Human collaboration and human-computer cooperation

The future is using computing as a tool to improve human capabilities and not to replace them. BPM being thus my pet peeve in large corporations. To illustrate the point I have been making for over a decade, I recommend to watch this interesting TED Talk by Shyam Sankar on human-computer collaboration.

Sankar talks about J.C.R. Licklider’s human-computer symbiosis vision to enable man and machine to cooperate in making decisions without the dependence on predetermined programs. Like me, Licklider proposed that humans would be setting the goals, formulating the hypotheses, determining the criteria, and performing the evaluations, while computers would deal with all operations at scale, such as computation and volume processing. They do not replace human creativity, intuition and decision-making.

So what are the aspects of machine learning that are both available, usable and do not suggest Orwellian scare scenarios? Well, machine learning technology is unfortunately perfectly suited and broadly used for surveillance but lets focus on the positive for the moment. Image and voice recognition and follow-on classification are areas where we have reached the stage of everyday practical use. We have been using image- and text-based document classification in Papyrus for 15 years. Machine learning is used in Papyrus for character recognition, text extraction, document structure, sentiment analysis, and for case context patterns related to user actions – with the so called UTA or User-Trained Agent. Pattern recognition for case management that uses the kind of human-training and cooperation that Sankar suggests has been patented by me in 2007.

What the UTA User-Trained Agent does and my patent describes, is that we do not look for patterns that predict that something will happen again. In human computer collaboration the repeated human reaction to a particular process pattern is interesting and therefore one can make others aware of the likelyhood that such an action is a good one. This ML functions does not just find patterns, it analyses how humans react to patterns. Users can also react to a recommended action by rejecting it. As I do not prescribe the process rigidly but require that goals to be achieved are defined, it is now possible to automatically map a chain of user actions to goal achievement and let a user judge how fast or efficient that process is.

But how practical is such machine learning to simplify process management for the business user. Does it require AI experts or big data scientists and huge machines? Absolutely not, as it too uses the less is more approach. Recognized patterns are automatically compacted into their simplest, smallest form and irrelevant information is truncated. But in 2007 it still used IT data structures and not business terminology. Using an ontology to describe processes in business language enables human-to-human collaboration and run-time process creation, and simplifies human-computer cooperation.

Papyrus thus uses a simplified form of ‘variable binding’ for process descriptions by means of an ontology. Such an ontology definition entry always has a subject, predicate and object just like the DeepMind short term memory. Now, the UTA can identify process patterns using the ontology terms. The first neural-network based User-Trained Agent version in 2007 could not explain why it suggested an action for a process pattern. Using the ontology to identify the pattern similarities in different work processes (really cases) one can tell in business terms why an action is recommended.
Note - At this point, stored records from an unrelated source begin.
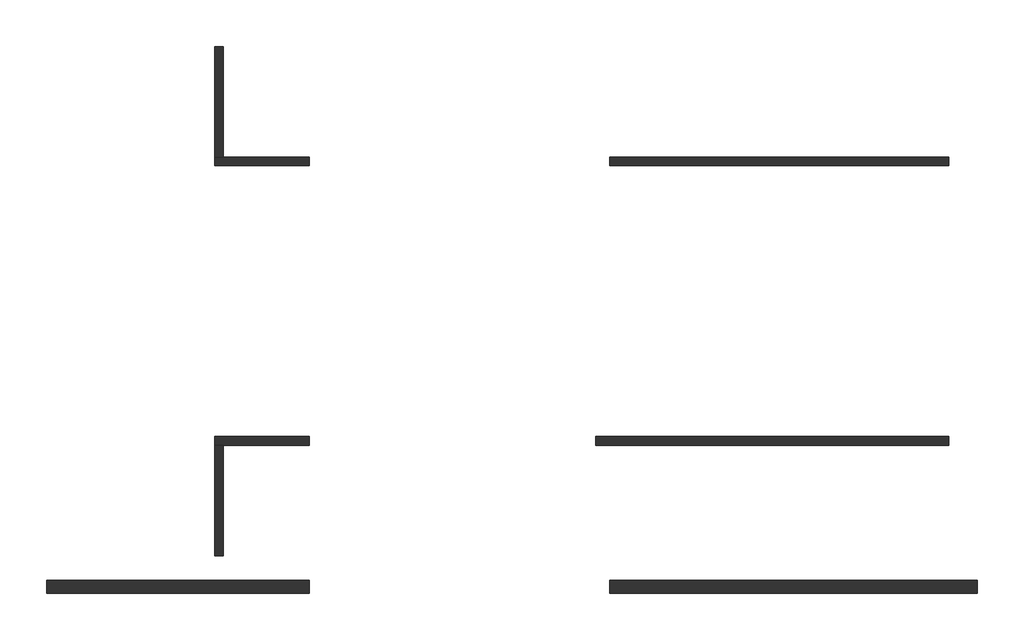
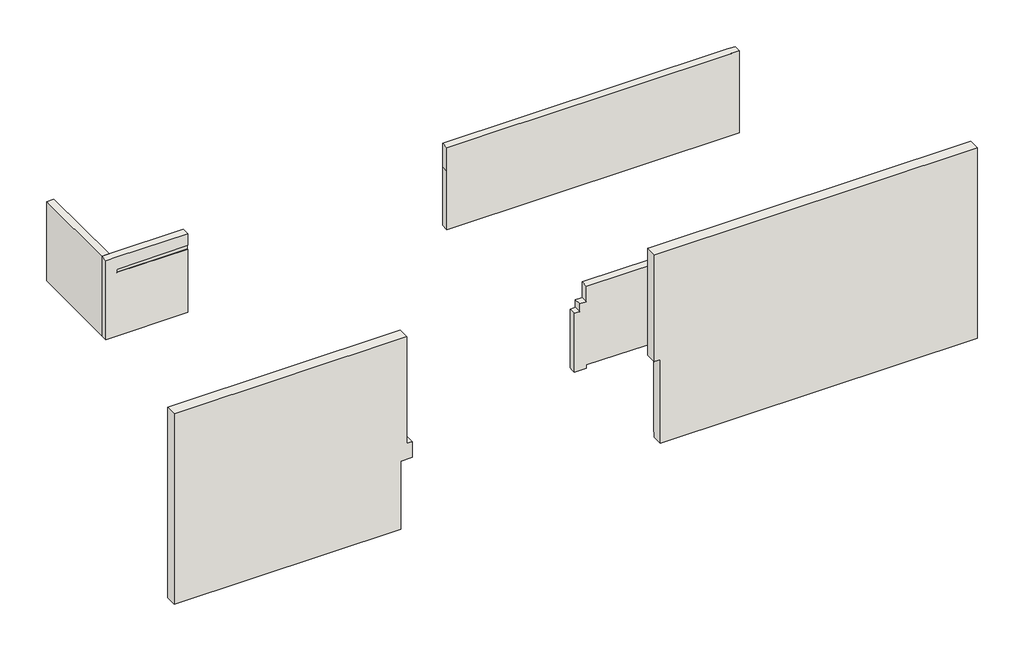
# One storey: 8 walls.
"""IFC4 building model written with IfcOpenShell, lengths in millimetres."""

from ifc_helpers import new_model, si_unit, frame, origin, place, context, project, spatial, polyline, outline, extrude, faceted_brep, element, save

model = new_model("IFC4")

# Units and contexts
model_context = context("Model", 3, world=origin())
ifc_project = project(units=[si_unit("LENGTHUNIT", "METRE", prefix="MILLI")], contexts=[model_context])

# Site, building, storey
site = spatial("IfcSite", under=ifc_project)
building = spatial("IfcBuilding", under=site)
storey = spatial("IfcBuildingStorey", under=building, Name="E-ACCESO", Elevation=-200.0)

# Walls
placement = place(None, origin())
element("IfcWall", 1, ObjectType="MURO TIPO 1_EXTERIOR_PETO_PABLO", at=placement, inside=storey, context=model_context, shape_type="Brep", body=[
    faceted_brep([(-11990.0, -17797.5, 7150.0), (-11975.0, -17797.5, 7150.0), (-205.0, -17797.5, 7150.0), (-205.0, -17797.5, -29.8903052), (-4292.2906333, -17797.5, 0.0), (-8394.5812666, -17797.5, -30.0), (-11770.0, -17797.5, 0.0), (-11770.0, -17797.5, 3030.0), (-11990.0, -17797.5, 3030.0), (-11770.0, -18207.5, -200.0), (-205.0, -18207.5, -200.0), (-205.0, -18207.5, 7150.0), (-11975.0, -18207.5, 7150.0), (-11990.0, -18207.5, 7150.0), (-11990.0, -18207.5, 3030.0), (-11975.0, -18207.5, 3030.0), (-11770.0, -18207.5, 3030.0), (-11770.0, -18207.5, 2430.0), (-11770.0, -17810.0, -200.0), (-205.0, -17810.0, -200.0), (-205.0, -17810.0, -29.8903052), (-8394.5812666, -17810.0, -30.0), (-4292.2906333, -17810.0, 0.0), (-11770.0, -17810.0, 0.0)], [[[0, 1, 2, 3, 4, 5, 6, 7, 8]], [[9, 10, 11, 12, 13, 14, 15, 16, 17]], [[10, 9, 18, 19]], [[2, 1, 0, 13, 12, 11]], [[2, 11, 10, 19, 20, 3]], [[21, 22, 20, 19, 18, 23]], [[20, 22, 4, 3]], [[21, 23, 6, 5]], [[22, 21, 5, 4]], [[13, 0, 8, 14]], [[14, 8, 7, 16, 15]], [[16, 7, 6, 23, 18, 9, 17]]]),
])
element("IfcWall", 2, ObjectType="MURO TIPO 5_PABLO", at=placement, inside=storey, context=model_context, shape_type="Brep", body=[
    faceted_brep([(-24205.0, -13267.5, 3030.0), (-23795.0, -13267.5, 3030.0), (-21230.0, -13267.5, 3030.0), (-20750.0, -13267.5, 3030.0), (-20750.0, -13267.5, 2430.0), (-20790.0, -13267.5, 2430.0), (-21215.0, -13267.5, 2430.0), (-21215.0, -13267.5, 2581.2), (-23795.0, -13267.5, 2551.3734104), (-23810.0, -13267.5, 2551.2), (-23810.0, -13267.5, 2430.0), (-23795.0, -13267.5, 2430.0), (-21230.0, -13267.5, 2430.0), (-21230.0, -13267.5, 0.0), (-24205.0, -13267.5, -28.0660377), (-24205.0, -13267.5, 2130.0), (-20750.0, -13537.5, 3030.0), (-20820.0, -13537.5, 3030.0), (-21230.0, -13537.5, 3030.0), (-23935.0, -13537.5, 3030.0), (-24205.0, -13537.5, 3030.0), (-24205.0, -13537.5, -28.0660377), (-23935.0, -13537.5, -25.5188679), (-21230.0, -13537.5, 0.0), (-21230.0, -13537.5, 2430.0), (-20820.0, -13537.5, 2430.0), (-20750.0, -13537.5, 2430.0), (-23810.0, -13282.5, 2430.0), (-21230.0, -13282.5, 2430.0), (-23810.0, -13282.5, 2551.2), (-21215.0, -13282.5, 2581.2), (-21215.0, -13282.5, 2430.0)], [[[0, 1, 2, 3, 4, 5, 6, 7, 8, 9, 10, 11, 12, 13, 14, 15]], [[16, 17, 18, 19, 20, 21, 22, 23, 24, 25, 26]], [[3, 2, 1, 0, 20, 19, 18, 17, 16]], [[20, 0, 15, 14, 21]], [[27, 28, 12, 11, 10]], [[29, 27, 10, 9]], [[27, 29, 30, 31, 28]], [[30, 29, 9, 8, 7]], [[14, 13, 23, 22, 21]], [[26, 25, 24, 28, 31, 6, 5, 4]], [[13, 12, 28, 24, 23]], [[4, 3, 16, 26]], [[31, 30, 7, 6]]]),
])
element("IfcWall", 3, ObjectType="MURO TIPO 5_PABLO", at=placement, inside=storey, context=model_context, shape_type="SweptSolid", body=[
    extrude(outline(polyline([(3030.0, -23935.0), (3030.0, -24205.0), (-28.0660377, -24205.0), (-25.5188679, -23935.0), (3030.0, -23935.0)])), frame((0.0, -17017.5, 0.0), z_axis=(0.0, 1.0, 0.0), x_axis=(0.0, 0.0, 1.0)), (0.0, 0.0, 1.0), 3480.0),
])
element("IfcWall", 4, ObjectType="MURO TIPO 5_PETO CUB_PABLO", at=placement, inside=storey, context=model_context, shape_type="Brep", body=[
    faceted_brep([(-1110.0, -13537.5, -23.2720515), (-1110.0, -13537.5, 3030.0), (-1380.0, -13537.5, 3030.0), (-1395.1532376, -13537.5, 3030.0), (-1410.1532376, -13537.5, 3030.0), (-1425.0, -13537.5, 3030.0), (-8795.0, -13537.5, 3030.0), (-9065.0, -13537.5, 3030.0), (-11770.0, -13537.5, 3030.0), (-11770.0, -13537.5, 2430.0), (-12010.0, -13537.5, 2430.0), (-12010.0, -13537.5, 2130.0), (-12210.0, -13537.5, 2130.0), (-12210.0, -13537.5, -135.0), (-11770.0, -13537.5, -135.0), (-11770.0, -13537.5, 0.0), (-9065.0, -13537.5, -24.0414616), (-8795.0, -13537.5, -26.4411639), (-8394.5812666, -13537.5, -30.0), (-4292.2906333, -13537.5, 0.0), (-1380.0, -13537.5, -21.2975449), (-1110.0, -13267.5, 3030.0), (-1110.0, -13267.5, -23.2720515), (-4292.2906333, -13267.5, 0.0), (-8394.5812666, -13267.5, -30.0), (-11770.0, -13267.5, 0.0), (-11770.0, -13267.5, -135.0), (-12210.0, -13267.5, -135.0), (-12210.0, -13267.5, 2100.0), (-12210.0, -13267.5, 2130.0), (-12010.0, -13267.5, 2130.0), (-12010.0, -13267.5, 2430.0), (-11785.0, -13267.5, 2430.0), (-11770.0, -13267.5, 2430.0), (-11770.0, -13267.5, 3030.0), (-9205.0, -13267.5, 3030.0), (-8795.0, -13267.5, 3030.0), (-1425.0, -13267.5, 3030.0), (-1410.1532376, -13267.5, 3030.0), (-1395.1532376, -13267.5, 3030.0), (-1380.0, -13267.5, 3030.0), (-12210.0, -13372.5, -135.0)], [[[0, 1, 2, 3, 4, 5, 6, 7, 8, 9, 10, 11, 12, 13, 14, 15, 16, 17, 18, 19, 20]], [[21, 22, 23, 24, 25, 26, 27, 28, 29, 30, 31, 32, 33, 34, 35, 36, 37, 38, 39, 40]], [[26, 14, 13, 41, 27]], [[1, 21, 40, 39, 38, 37, 36, 35, 34, 8, 7, 6, 5, 4, 3, 2]], [[21, 1, 0, 22]], [[0, 20, 19, 23, 22]], [[24, 18, 17, 16, 15, 25]], [[18, 24, 23, 19]], [[25, 15, 14, 26]], [[11, 30, 29, 12]], [[30, 11, 10, 31]], [[33, 32, 31, 10, 9]], [[27, 41, 13, 12, 29, 28]], [[8, 34, 33, 9]]]),
])
element("IfcWall", 5, ObjectType="MURO TIPO 5_PABLO", at=placement, inside=storey, context=model_context, shape_type="Brep", body=[
    faceted_brep([(-24205.0, -4462.5, 3030.0), (-23935.0, -4462.5, 3030.0), (-21230.0, -4462.5, 3030.0), (-21230.0, -4462.5, 0.0), (-23935.0, -4462.5, -25.5188679), (-24205.0, -4462.5, -28.0660377), (-21230.0, -4732.5, 3030.0), (-23795.0, -4732.5, 3030.0), (-24205.0, -4732.5, 3030.0), (-24205.0, -4732.5, 2130.0), (-24205.0, -4732.5, -28.0660377), (-21230.0, -4732.5, 0.0), (-21230.0, -4732.5, 2430.0), (-23795.0, -4732.5, 2430.0), (-23810.0, -4732.5, 2430.0), (-23810.0, -4732.5, 2551.2), (-23795.0, -4732.5, 2551.3734104), (-21230.0, -4732.5, 2581.0265896), (-21230.0, -4717.5, 2581.0265896), (-21230.0, -4717.5, 2430.0), (-23810.0, -4717.5, 2430.0), (-23810.0, -4717.5, 2551.2)], [[[0, 1, 2, 3, 4, 5]], [[6, 7, 8, 9, 10, 11, 12, 13, 14, 15, 16, 17]], [[2, 1, 0, 8, 7, 6]], [[2, 6, 17, 18, 19, 12, 11, 3]], [[8, 0, 5, 10, 9]], [[20, 14, 13, 12, 19]], [[21, 20, 19, 18]], [[20, 21, 15, 14]], [[21, 18, 17, 16, 15]], [[5, 4, 3, 11, 10]]]),
])
element("IfcWall", 6, ObjectType="MURO TIPO 5_PABLO", at=placement, inside=storey, context=model_context, shape_type="SweptSolid", body=[
    extrude(outline(polyline([(3030.0, -23935.0), (3030.0, -24205.0), (-28.0660377, -24205.0), (-25.5188679, -23935.0), (3030.0, -23935.0)])), frame((0.0, -4462.5, 0.0), z_axis=(0.0, 1.0, 0.0), x_axis=(0.0, 0.0, 1.0)), (0.0, 0.0, 1.0), 3480.0),
])
element("IfcWall", 7, ObjectType="MURO TIPO 5_PETO CUB_PABLO", at=placement, inside=storey, context=model_context, shape_type="Brep", body=[
    faceted_brep([(-11770.0, -4732.5, -135.0), (-1110.0, -4732.5, -135.0), (-1110.0, -4732.5, 3030.0), (-1380.0, -4732.5, 3030.0), (-1395.1532376, -4732.5, 3030.0), (-1410.1532376, -4732.5, 3030.0), (-1425.0, -4732.5, 3030.0), (-8795.0, -4732.5, 3030.0), (-9205.0, -4732.5, 3030.0), (-11770.0, -4732.5, 3030.0), (-11770.0, -4732.5, 2130.0), (-11770.0, -4732.5, 2100.0), (-11770.0, -4732.5, 0.0), (-1110.0, -4462.5, -135.0), (-11770.0, -4462.5, -135.0), (-11770.0, -4462.5, 2100.0), (-11770.0, -4462.5, 3030.0), (-9065.0, -4462.5, 3030.0), (-8795.0, -4462.5, 3030.0), (-1425.0, -4462.5, 3030.0), (-1410.1532376, -4462.5, 3030.0), (-1395.1532376, -4462.5, 3030.0), (-1380.0, -4462.5, 3030.0), (-1110.0, -4462.5, 3030.0), (-1110.0, -4462.5, -23.2720515)], [[[0, 1, 2, 3, 4, 5, 6, 7, 8, 9, 10, 11, 12]], [[13, 14, 15, 16, 17, 18, 19, 20, 21, 22, 23, 24]], [[1, 0, 14, 13]], [[2, 23, 22, 21, 20, 19, 18, 17, 16, 9, 8, 7, 6, 5, 4, 3]], [[2, 1, 13, 24, 23]], [[0, 12, 11, 15, 14]], [[9, 16, 15, 11, 10]]]),
])
element("IfcWall", 8, ObjectType="MURO TIPO 1_EXTERIOR_PETO_PABLO", at=placement, inside=storey, context=model_context, shape_type="Brep", body=[
    faceted_brep([(-21230.0, -17797.5, -200.0), (-29500.0, -17797.5, -200.0), (-29500.0, -17797.5, 0.0), (-29500.0, -17797.5, 7150.0), (-21025.0, -17797.5, 7150.0), (-21010.0, -17797.5, 7150.0), (-21010.0, -17797.5, 3030.0), (-20820.0, -17797.5, 3030.0), (-20820.0, -17797.5, 2430.0), (-21230.0, -17797.5, 2430.0), (-29500.0, -18207.5, -200.0), (-21230.0, -18207.5, -200.0), (-21230.0, -18207.5, 2430.0), (-20820.0, -18207.5, 2430.0), (-20820.0, -18207.5, 3030.0), (-21010.0, -18207.5, 3030.0), (-21010.0, -18207.5, 7150.0), (-21025.0, -18207.5, 7150.0), (-29500.0, -18207.5, 7150.0), (-29500.0, -18207.5, 0.0)], [[[0, 1, 2, 3, 4, 5, 6, 7, 8, 9]], [[10, 11, 12, 13, 14, 15, 16, 17, 18, 19]], [[1, 0, 11, 10]], [[3, 2, 1, 10, 19, 18]], [[5, 4, 3, 18, 17, 16]], [[5, 16, 15, 6]], [[0, 9, 12, 11]], [[8, 7, 14, 13]], [[13, 12, 9, 8]], [[6, 15, 14, 7]]]),
])

save(model, "model.ifc")

# Revit data of these elements
# Type "MURO TIPO 1_EXTERIOR_PETO_PABLO"
#   Keynote = "Md.1"
#   Description = "Muro interior-exterior perimetral"
#   Type Mark = "M1"
#   Layers, outside or top first: 0.015 m "Enfoscado cemento y pintura" (function 5); 0.115 m "Ladrillo cerámico perforado" (function 1); 0.15 m "Aire" (function 3); 0.115 m "Ladrillo cerámico perforado" (function 1); 0.015 m "Enfoscado cemento y pintura" (function 5)
# Type "MURO TIPO 5_PABLO"
#   Keynote = "Md.1"
#   Description = "Muro interior-interior patio exterior"
#   Type Mark = "M5"
#   Layers, outside or top first: 0.015 m "Enfoscado cemento y pintura" (function 5); 0.24 m "Ladrillo cerámico perforado" (function 1); 0.015 m "Enfoscado cemento y pintura" (function 5)
# Type "MURO TIPO 5_PETO CUB_PABLO"
#   Keynote = "Md.1"
#   Description = "Muro interior-interior patio exterior"
#   Type Mark = "M5"
#   Layers, outside or top first: 0.015 m "Enfoscado cemento y pintura" (function 5); 0.24 m "Ladrillo cerámico perforado" (function 1); 0.015 m "Enfoscado cemento y pintura" (function 5)
# Elements 1, 8 (IfcWall, "MURO TIPO 1_EXTERIOR_PETO_PABLO")
#   Top Offset = 0.00 m
#   Base Offset = 0.00 m
#   wall height = 7.35 m
#   Phase Created = Nueva construcción
#   Base Constraint = E-ACCESO
#   Top Constraint = AUXILIAR-CoronacionMuro
#   Materials on its faces: "Muro por defecto", "Enfoscado cemento y pintura"
# Element 2 (IfcWall, "MURO TIPO 5_PABLO")
#   built-in parameter 1001111 = 0.065 m
#   Top Offset = 0.00 m
#   Base Offset = 0.065 m
#   wall height = 3.165 m
#   Phase Created = Nueva construcción
#   Base Constraint = E-ACCESO
#   Top Constraint = AUXILIAR-Peto
#   Materials on its faces: "Muro por defecto", "Enfoscado cemento y pintura", "Enlucido de yeso"
# Elements 3, 5, 6 (IfcWall, "MURO TIPO 5_PABLO")
#   built-in parameter 1001111 = 0.065 m
#   Top Offset = 0.00 m
#   Base Offset = 0.065 m
#   wall height = 3.165 m
#   Phase Created = Nueva construcción
#   Base Constraint = E-ACCESO
#   Top Constraint = AUXILIAR-Peto
#   Materials on its faces: "Muro por defecto", "Enfoscado cemento y pintura"
# Element 4 (IfcWall, "MURO TIPO 5_PETO CUB_PABLO")
#   built-in parameter 1001111 = 0.065 m
#   Top Offset = 0.00 m
#   Base Offset = 0.065 m
#   wall height = 3.165 m
#   Phase Created = Nueva construcción
#   Base Constraint = E-ACCESO
#   Top Constraint = AUXILIAR-Peto
#   Materials on its faces: "Muro por defecto", "Enfoscado cemento y pintura", "Enlucido de yeso"
# Element 7 (IfcWall, "MURO TIPO 5_PETO CUB_PABLO")
#   built-in parameter 1001111 = 0.065 m
#   Top Offset = 0.00 m
#   Base Offset = 0.065 m
#   wall height = 3.165 m
#   Phase Created = Nueva construcción
#   Base Constraint = E-ACCESO
#   Top Constraint = AUXILIAR-Peto
#   Materials on its faces: "Muro por defecto", "Enfoscado cemento y pintura"
# Materials
#   "Enfoscado cemento y pintura": class "Varios", colour RGB 127 127 127, transparency 0, Keynote = "2", Comments = "Color blanco (1,5 cm)", Cost = 0
#   "Ladrillo cerámico perforado": class "Enladrillado", colour RGB 204 146 111, transparency 0, Cost = 0
#   "Aire": class "Gas", colour RGB 183 255 255, transparency 0.75, Description = "Aire", Cost = 0
#   "Muro por defecto": class "Varios", colour RGB 212 212 212, transparency 0, Cost = 0
#   "Enlucido de yeso": class "Placa de yeso laminado", colour RGB 249 249 249, transparency 0, Keynote = "1", Comments = "Color blanco al temple (1,5 cm)", Description = "1", Cost = 0

Business analysts create at design time a business ontology that the non-technical business users will use at run-time to create their processes and content. The technical effort is mostly related to creating interfaces to existing IT systems to read and write business data. At run-time users collaborate in business terminology and as they perform their work they create the process patterns that can be reused. These can both be stored explicitly as templates or the User-Trained Agent will pick up the most common actions performed by users in certain contexts.

Conclusion: We are just at the starting point of using machine learning for process management. IT and business management are mostly not ready for such advanced approaches because they lack the understanding of the underlying technology. We see it as our goal to dramatically reduce the friction, as Sankar calls it, between the human and the machine learning computer. Using these technologies has to become intuitive and natural. The ultimate benefit is an increase in the quality of the workforce and thus in customer service.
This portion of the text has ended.